Pema Tseden. Photo: Jpbazard Jean-Pierre Bazard. Courtesy Wikicommons / CC BY-SA 3.0

Pema Tseden, Tibetan New Wave director, has died suddenly of an unspecified illness. Born in Guide, Qinghai, Pema Tseden spent three years teaching at an elementary school before applying to the Northwest Minzu University in Lanzhou to study Tibetan Language and Literature. After publishing several short stories, in 2002 he entered the Beijing Film Academy to study filmmaking.
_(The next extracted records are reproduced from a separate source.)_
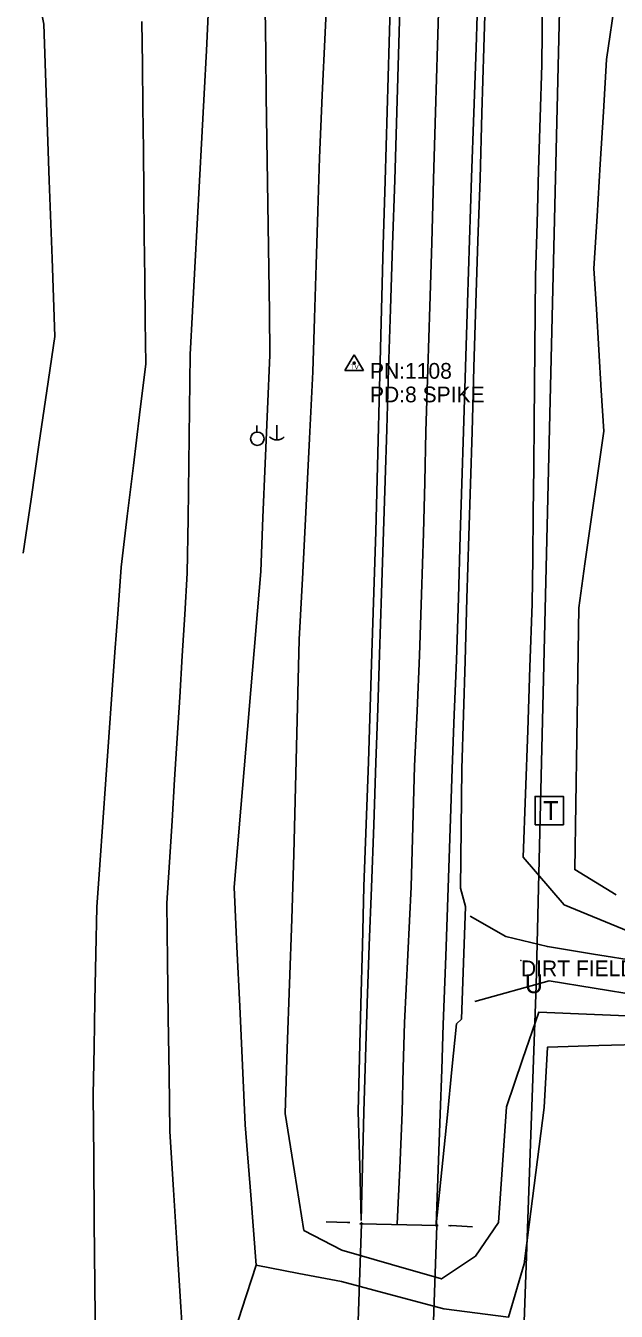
# Model space of a CAD drawing. Extents: x 1445297 to 1476720, y 2042269 to 2057889.
# Drawn here: x 1445978.9 to 1446166.6, y 2044126.9 to 2044535.6 of the extents above; entities that cross this region are included whole.
import ezdxf

# ---------------------------------------------------------------- set-up
doc = ezdxf.new("R2010")
doc.units = 0
for name, color, linetype in [('S_BRIDGE', 7, 'Continuous'), ('S_DITCHLINE', 7, 'Continuous'), ('S_DRIVEWAY', 7, 'Continuous'), ('S_EDGE_PAVEMENT', 7, 'Continuous'), ('S_MSC_PT_SYM', 7, 'Continuous'), ('S_PAVEMENT_CROWN', 7, 'Continuous'), ('S_SECONDARY_CTL', 7, 'Continuous'), ('S_SECONDARY_CTL_ANNOT', 7, 'Continuous'), ('S_SHOULDER', 7, 'Continuous'), ('S_STR_PT_SYM', 7, 'Continuous'), ('S_STREAM', 7, 'Continuous'), ('S_SURVEY_TEXT_ANNOT', 7, 'Continuous'), ('S_TELEPHONE_UTILITIES', 7, 'Continuous'), ('S_UNDERGROUND_CABLE', 7, 'Continuous'), ('S_UTILITY_POLE', 7, 'Continuous'), ('S_UTL_PT_SYM', 7, 'Continuous'), ('S_WALL', 7, 'Continuous')]:
    doc.layers.add(name, color=color, linetype=linetype)

msp = doc.modelspace()

# ---------------------------------------------------------------- linework, layer by layer
at = {"layer": 'S_BRIDGE'}
for p, q in [((1446083.17, 2044079.68), (1446085.63, 2044154.69)), ((1446085.63, 2044154.69), (1446109.56, 2044154.24)), ((1446109.56, 2044154.24), (1446107.11, 2044078.9))]:
    msp.add_line(p, q, dxfattribs=at)
at = {"layer": 'S_DITCHLINE'}
for points in [[(1445978.15, 2044367.9), (1445980.65, 2044385.13), (1445983.14, 2044402.36), (1445985.64, 2044419.58), (1445988.13, 2044436.81), (1445987.28, 2044461.63), (1445986.42, 2044486.45), (1445985.57, 2044511.27), (1445984.71, 2044536.09), (1445981.85, 2044550.56), (1445978.98, 2044565.02), (1445976.11, 2044579.49)], [(1446029.4, 2044109.71), (1446028.22, 2044128.31), (1446027.05, 2044146.91), (1446025.87, 2044165.51), (1446024.69, 2044184.11), (1446024.47, 2044202.24), (1446024.25, 2044220.37), (1446024.03, 2044238.5), (1446023.82, 2044256.64), (1446024.62, 2044269.75), (1446025.43, 2044282.86), (1446026.24, 2044295.98), (1446027.05, 2044309.09), (1446027.86, 2044322.2), (1446028.67, 2044335.32), (1446029.48, 2044348.43), (1446030.29, 2044361.54), (1446030.52, 2044378.93), (1446030.75, 2044396.32), (1446030.98, 2044413.72), (1446031.21, 2044431.11), (1446031.94, 2044444.91), (1446032.68, 2044458.72), (1446033.41, 2044472.52), (1446034.14, 2044486.32), (1446034.87, 2044500.13), (1446035.6, 2044513.93), (1446036.33, 2044527.74), (1446037.06, 2044541.54)], [(1446166.64, 2044259.28), (1446153.45, 2044267.34), (1446153.77, 2044288.14), (1446154.08, 2044308.94), (1446154.4, 2044329.74), (1446154.71, 2044350.54), (1446156.69, 2044364.58), (1446158.67, 2044378.62), (1446160.66, 2044392.66), (1446162.64, 2044406.7), (1446161.86, 2044419.64), (1446161.08, 2044432.58), (1446160.3, 2044445.52), (1446159.52, 2044458.46), (1446160.53, 2044475.06), (1446161.54, 2044491.67), (1446162.55, 2044508.27), (1446163.56, 2044524.88), (1446166.4, 2044544.53)], [(1446043.13, 2044113.76), (1446047.64, 2044127.65), (1446052.16, 2044141.54), (1446050.44, 2044163.85), (1446048.72, 2044186.16), (1446047.84, 2044205.05), (1446046.95, 2044223.94), (1446046.06, 2044242.83), (1446045.17, 2044261.72), (1446046.23, 2044274.27), (1446047.28, 2044286.83), (1446048.33, 2044299.38), (1446049.39, 2044311.93), (1446050.44, 2044324.48), (1446051.49, 2044337.03), (1446052.55, 2044349.58), (1446053.6, 2044362.14), (1446054.34, 2044379.32), (1446055.08, 2044396.5), (1446055.82, 2044413.68), (1446056.56, 2044430.86), (1446056.37, 2044444.61), (1446056.17, 2044458.36), (1446055.97, 2044472.11), (1446055.78, 2044485.86), (1446055.58, 2044499.61), (1446055.39, 2044513.36), (1446055.19, 2044527.11), (1446055, 2044540.86)], [(1446001.05, 2044115.1), (1446000.88, 2044135.29), (1446000.7, 2044155.49), (1446000.53, 2044175.68), (1446000.35, 2044195.87), (1446000.64, 2044210.75), (1446000.93, 2044225.63), (1446001.22, 2044240.52), (1446001.5, 2044255.4), (1446002.47, 2044268.91), (1446003.43, 2044282.43), (1446004.4, 2044295.94), (1446005.36, 2044309.46), (1446006.33, 2044322.98), (1446007.29, 2044336.49), (1446008.26, 2044350.01), (1446009.22, 2044363.52), (1446011.19, 2044379.67), (1446013.16, 2044395.82), (1446015.13, 2044411.97), (1446017.1, 2044428.12), (1446016.94, 2044441.72), (1446016.78, 2044455.33), (1446016.62, 2044468.94), (1446016.47, 2044482.54), (1446016.31, 2044496.15), (1446016.15, 2044509.75), (1446015.99, 2044523.36), (1446015.83, 2044536.97)], [(1446052.16, 2044141.54), (1446065.73, 2044138.95), (1446079.29, 2044136.37), (1446095.55, 2044132.02), (1446111.81, 2044127.68), (1446132.33, 2044125.05), (1446137.31, 2044142.04), (1446138.9, 2044154.47), (1446140.49, 2044166.89), (1446142.09, 2044179.31), (1446143.68, 2044191.74), (1446144.8, 2044210.94), (1446161.07, 2044211.42), (1446177.35, 2044211.9)]]:
    msp.add_lwpolyline(points, dxfattribs=at)
at = {"layer": 'S_DRIVEWAY'}
for points in [[(1446120.2, 2044252.54), (1446131.57, 2044246.1), (1446144.72, 2044242.87), (1446159.4, 2044240.47), (1446174.09, 2044238.08), (1446188.77, 2044235.68), (1446203.45, 2044233.29), (1446218.13, 2044230.89), (1446232.81, 2044228.5), (1446247.49, 2044226.1), (1446262.18, 2044223.71), (1446275.63, 2044222.1), (1446289.08, 2044220.5), (1446302.53, 2044218.89), (1446315.98, 2044217.29), (1446330.69, 2044216.84), (1446345.39, 2044216.38), (1446360.1, 2044215.93), (1446374.81, 2044215.47), (1446389.39, 2044215.28), (1446403.98, 2044215.08), (1446418.56, 2044214.89), (1446433.15, 2044214.69)], [(1446121.63, 2044225.44), (1446145.27, 2044231.95), (1446159.59, 2044229.64), (1446173.9, 2044227.34), (1446188.22, 2044225.04), (1446202.53, 2044222.73), (1446216.85, 2044220.43), (1446231.17, 2044218.12), (1446245.48, 2044215.82), (1446259.8, 2044213.52), (1446273.64, 2044211.76), (1446287.48, 2044209.99), (1446301.32, 2044208.23), (1446315.16, 2044206.47), (1446330.01, 2044206.17), (1446344.87, 2044205.87), (1446359.72, 2044205.56), (1446374.57, 2044205.26), (1446389.23, 2044205.3), (1446403.89, 2044205.33), (1446418.55, 2044205.37), (1446433.2, 2044205.41)]]:
    msp.add_lwpolyline(points, dxfattribs=at)
at = {"layer": 'S_EDGE_PAVEMENT'}
for points in [[(1446085.51, 2044155.74), (1446085.98, 2044173.03), (1446086.44, 2044190.32), (1446086.93, 2044207.59), (1446087.43, 2044224.85), (1446088.13, 2044243.27), (1446088.83, 2044261.7), (1446089.53, 2044281.54), (1446090.23, 2044301.38), (1446090.79, 2044318.55), (1446091.35, 2044335.73), (1446092.01, 2044355.26), (1446092.67, 2044374.79), (1446093.17, 2044391.06), (1446093.67, 2044407.32), (1446094.26, 2044426.43), (1446094.85, 2044445.54), (1446095.53, 2044466.02), (1446096.2, 2044486.51), (1446096.84, 2044508.28), (1446097.48, 2044530.06), (1446098.11, 2044551.51)], [(1446109.42, 2044154.37), (1446110.05, 2044171.97), (1446110.68, 2044189.57), (1446111.15, 2044203.84), (1446111.63, 2044218.12), (1446112.42, 2044239.83), (1446113.22, 2044261.54), (1446113.82, 2044280.46), (1446114.43, 2044299.37), (1446115.13, 2044316.67), (1446115.83, 2044333.97), (1446116.44, 2044353.74), (1446117.05, 2044373.51), (1446117.56, 2044390.05), (1446118.07, 2044406.6), (1446118.7, 2044427.06), (1446119.33, 2044447.53), (1446119.99, 2044467.43), (1446120.65, 2044487.33), (1446121.37, 2044507.97), (1446122.08, 2044528.6), (1446122.72, 2044549.46)], [(1446109.42, 2044154.37), (1446110.05, 2044171.97), (1446110.68, 2044189.57), (1446111.15, 2044203.84), (1446111.63, 2044218.12), (1446112.42, 2044239.83), (1446113.22, 2044261.54), (1446113.82, 2044280.46), (1446114.43, 2044299.37), (1446115.13, 2044316.67), (1446115.83, 2044333.97), (1446116.44, 2044353.74), (1446117.05, 2044373.51), (1446117.56, 2044390.05), (1446118.07, 2044406.6), (1446118.7, 2044427.06), (1446119.33, 2044447.53), (1446119.99, 2044467.43), (1446120.65, 2044487.33), (1446121.37, 2044507.97), (1446122.08, 2044528.6), (1446122.72, 2044549.46)]]:
    msp.add_lwpolyline(points, dxfattribs=at)
at = {"layer": 'S_MSC_PT_SYM'}
msp.add_lwpolyline([(1446136.33, 2044238.45), (1446136.33, 2044238.5), (1446136.33, 2044238.45), (1446136.28, 2044238.45), (1446136.33, 2044238.45), (1446136.33, 2044238.4), (1446136.33, 2044238.45), (1446136.38, 2044238.45)], dxfattribs=at)
at = {"layer": 'S_PAVEMENT_CROWN'}
msp.add_lwpolyline([(1446097.02, 2044154.77), (1446097.8, 2044172.46), (1446098.58, 2044190.14), (1446098.93, 2044204.37), (1446099.28, 2044218.6), (1446100.35, 2044240.22), (1446101.41, 2044261.85), (1446101.98, 2044281.03), (1446102.54, 2044300.21), (1446103.33, 2044317.79), (1446104.12, 2044335.37), (1446104.75, 2044354.85), (1446105.39, 2044374.32), (1446105.76, 2044390.47), (1446106.14, 2044406.62), (1446106.75, 2044426.48), (1446107.36, 2044446.34), (1446107.96, 2044466.62), (1446108.56, 2044486.89), (1446109.19, 2044508.14), (1446109.82, 2044529.39), (1446110.41, 2044550.33)], dxfattribs=at)
at = {"layer": 'S_SECONDARY_CTL'}
for p, q in [((1446083.35, 2044431.02), (1446080.34, 2044426.07)), ((1446083.35, 2044431.02), (1446086.3, 2044426.07)), ((1446080.34, 2044426.07), (1446086.3, 2044426.07))]:
    msp.add_line(p, q, dxfattribs=at)
for radius in [0.311, 0.183, 0.103]:
    msp.add_circle((1446083.35, 2044428.41), radius, dxfattribs=at)
at = {"layer": 'S_SHOULDER'}
for points in [[(1446092.03, 2044445.38), (1446092.58, 2044465.83), (1446093.12, 2044486.28), (1446093.79, 2044508.32), (1446094.45, 2044530.36), (1446095.05, 2044551.93), (1446095.64, 2044573.49), (1446096.34, 2044593.67), (1446097.03, 2044613.86), (1446097.67, 2044635.16), (1446098.31, 2044656.46), (1446099.01, 2044676.99), (1446099.71, 2044697.52), (1446100.23, 2044716.92), (1446100.74, 2044736.31), (1446101.24, 2044749.26), (1446101.75, 2044762.2), (1446101.73, 2044769.88)], [(1446109.42, 2044154.37), (1446111.22, 2044171.88), (1446113.02, 2044189.38), (1446114.41, 2044203.83), (1446115.8, 2044218.27), (1446117.4, 2044219.78), (1446118.05, 2044237.69), (1446118.71, 2044255.6), (1446117.15, 2044261.41), (1446117.32, 2044280.39), (1446117.49, 2044299.37), (1446118.07, 2044316.54), (1446118.64, 2044333.7), (1446119.18, 2044353.56), (1446119.72, 2044373.42), (1446120.25, 2044389.97), (1446120.78, 2044406.52), (1446121.4, 2044426.96), (1446122.02, 2044447.39), (1446122.67, 2044467.24), (1446123.32, 2044487.08), (1446123.94, 2044507.84), (1446124.56, 2044528.61), (1446125.18, 2044549.35)], [(1446109.42, 2044154.37), (1446111.22, 2044171.88), (1446113.02, 2044189.38), (1446114.41, 2044203.83), (1446115.8, 2044218.27), (1446117.4, 2044219.78), (1446118.05, 2044237.69), (1446118.71, 2044255.6), (1446117.15, 2044261.41), (1446117.32, 2044280.39), (1446117.49, 2044299.37), (1446118.07, 2044316.54), (1446118.64, 2044333.7), (1446119.18, 2044353.56), (1446119.72, 2044373.42), (1446120.25, 2044389.97), (1446120.78, 2044406.52), (1446121.4, 2044426.96), (1446122.02, 2044447.39), (1446122.67, 2044467.24), (1446123.32, 2044487.08), (1446123.94, 2044507.84), (1446124.56, 2044528.61), (1446125.18, 2044549.35)], [(1446090.24, 2044374.87), (1446092.03, 2044445.38)], [(1446085.51, 2044155.74), (1446085.08, 2044173.1), (1446084.64, 2044190.46), (1446085.06, 2044207.49), (1446085.48, 2044224.53), (1446085.93, 2044243.25), (1446086.38, 2044261.98), (1446087.14, 2044281.81), (1446087.89, 2044301.64), (1446088.42, 2044318.92), (1446088.94, 2044336.2), (1446089.59, 2044355.53), (1446090.24, 2044374.87), (1446090.24, 2044374.87)]]:
    msp.add_lwpolyline(points, dxfattribs=at)
at = {"layer": 'S_STR_PT_SYM'}
for points in [[(1446085.63, 2044154.69), (1446085.63, 2044155.19), (1446085.63, 2044154.69), (1446085.13, 2044154.69), (1446085.63, 2044154.69), (1446085.63, 2044154.19), (1446085.63, 2044154.69), (1446086.13, 2044154.69)], [(1446109.56, 2044154.24), (1446109.56, 2044154.74), (1446109.56, 2044154.24), (1446109.06, 2044154.24), (1446109.56, 2044154.24), (1446109.56, 2044153.74), (1446109.56, 2044154.24), (1446110.06, 2044154.24)]]:
    msp.add_lwpolyline(points, dxfattribs=at)
at = {"layer": 'S_STREAM'}
for points in [[(1446067.35, 2044152.66), (1446064.36, 2044171.25), (1446061.36, 2044189.84), (1446062.07, 2044210.44), (1446062.78, 2044231.04), (1446063.48, 2044251.64), (1446064.19, 2044272.24), (1446064.61, 2044289.31), (1446065.04, 2044306.38), (1446065.46, 2044323.46), (1446065.89, 2044340.53), (1446066.97, 2044361.8), (1446068.05, 2044383.08), (1446069.14, 2044404.36), (1446070.22, 2044425.63), (1446070.73, 2044442.64), (1446071.24, 2044459.64), (1446071.75, 2044476.65), (1446072.27, 2044493.65), (1446073.2, 2044513.58), (1446074.14, 2044533.5), (1446075.07, 2044553.43)], [(1446170.36, 2044247.78), (1446150.03, 2044256.1), (1446136.99, 2044271.26), (1446137.73, 2044291.4), (1446138.47, 2044311.55), (1446139.2, 2044331.69), (1446139.94, 2044351.84), (1446140.1, 2044366.31), (1446140.26, 2044380.79), (1446140.41, 2044395.27), (1446140.57, 2044409.74), (1446140.77, 2044432.91), (1446140.98, 2044456.09), (1446141.47, 2044472.86), (1446141.96, 2044489.63), (1446142.46, 2044506.41), (1446142.95, 2044523.18), (1446143.21, 2044543.98)], [(1446067.35, 2044152.66), (1446079.37, 2044146.37), (1446095.21, 2044141.8), (1446111.04, 2044137.24), (1446121.92, 2044144.5), (1446129.16, 2044155.12), (1446130.43, 2044173.5), (1446131.69, 2044191.88), (1446136.83, 2044206.94), (1446141.97, 2044222), (1446159.7, 2044221.3), (1446177.43, 2044220.59)]]:
    msp.add_lwpolyline(points, dxfattribs=at)
at = {"layer": 'S_TELEPHONE_UTILITIES'}
msp.add_lwpolyline([(1446140.83, 2044281.63), (1446140.83, 2044290.63), (1446149.83, 2044290.63), (1446149.83, 2044281.63)], close=True, dxfattribs=at)
at = {"layer": 'S_UNDERGROUND_CABLE'}
for p, q in [((1446154.27, 2044781.92), (1446141.2, 2044230.61)), ((1446141.2, 2044230.61), (1446119.29, 2043617.64))]:
    msp.add_line(p, q, dxfattribs=at)
at = {"layer": 'S_UTILITY_POLE'}
for p, q in [((1446052.4, 2044406.48), (1446052.4, 2044408.59)), ((1446058.71, 2044408.68), (1446058.71, 2044403.95))]:
    msp.add_line(p, q, dxfattribs=at)
msp.add_circle((1446052.53, 2044404.34), 2.13, dxfattribs=at)
msp.add_arc((1446058.77, 2044407.38), 3.41, 226.3972, 313.6028, dxfattribs=at)
at = {"layer": 'S_WALL'}
for points in [[(1446081.95, 2044155.1), (1446081.45, 2044155.1), (1446081.24, 2044155.13), (1446074.44, 2044155.36)], [(1446113.26, 2044154.25), (1446113.88, 2044154.14), (1446114.12, 2044154.16), (1446120.93, 2044153.74)]]:
    msp.add_lwpolyline(points, dxfattribs=at)

# ---------------------------------------------------------------- texts
at = {"layer": 'S_SECONDARY_CTL'}
msp.add_text('TV', height=1.5, dxfattribs=at).set_placement((1446082.15, 2044426.4))
at = {"layer": 'S_SECONDARY_CTL_ANNOT'}
for s, p in [('PN:1108', (1446088.35, 2044423.41)), ('PD:8 SPIKE', (1446088.35, 2044415.91))]:
    msp.add_text(s, height=5, dxfattribs=at).set_placement(p)
at = {"layer": 'S_SURVEY_TEXT_ANNOT'}
msp.add_text('DIRT FIELD ROAD', height=5, dxfattribs=at).set_placement((1446136.33, 2044233.45))
at = {"layer": 'S_TELEPHONE_UTILITIES'}
msp.add_text('T', height=6, dxfattribs=at).set_placement((1446143.4, 2044283.13))
at = {"layer": 'S_UTL_PT_SYM'}
msp.add_text('U', height=6, dxfattribs=at).set_placement((1446137.57, 2044228.06))

doc.saveas('drawing.dxf')

Pema Tseden’s first full-length film, The Silent Holy Stones (2005), features the story of a child monk in Tibet, who is captured by a newly imported television that screens the Journey to the West, a 1986 TV adaption of the eponymous 16th-century novel on a Buddhist legend. His empathetic lens, akin to Abbas Kiarostami’s camera language, was considered the first to capture the reality of Tibet, removed from the Orientalist imaginations of both Chinese language film and Western productions. His later works, such as The Search or Soul Searching (2009), Tharlo (2015) and Balloon (2019), continue to explore the hybrid cultural experience of contemporary Tibetans, while Jinpa (2018) won the Orizzonti Award for Best Screenplay in the 75th Venice International Film Festival.

Earlier this year, he wrapped up Singpangtra, while Snow Leopard, finished last July, is scheduled for release later this year.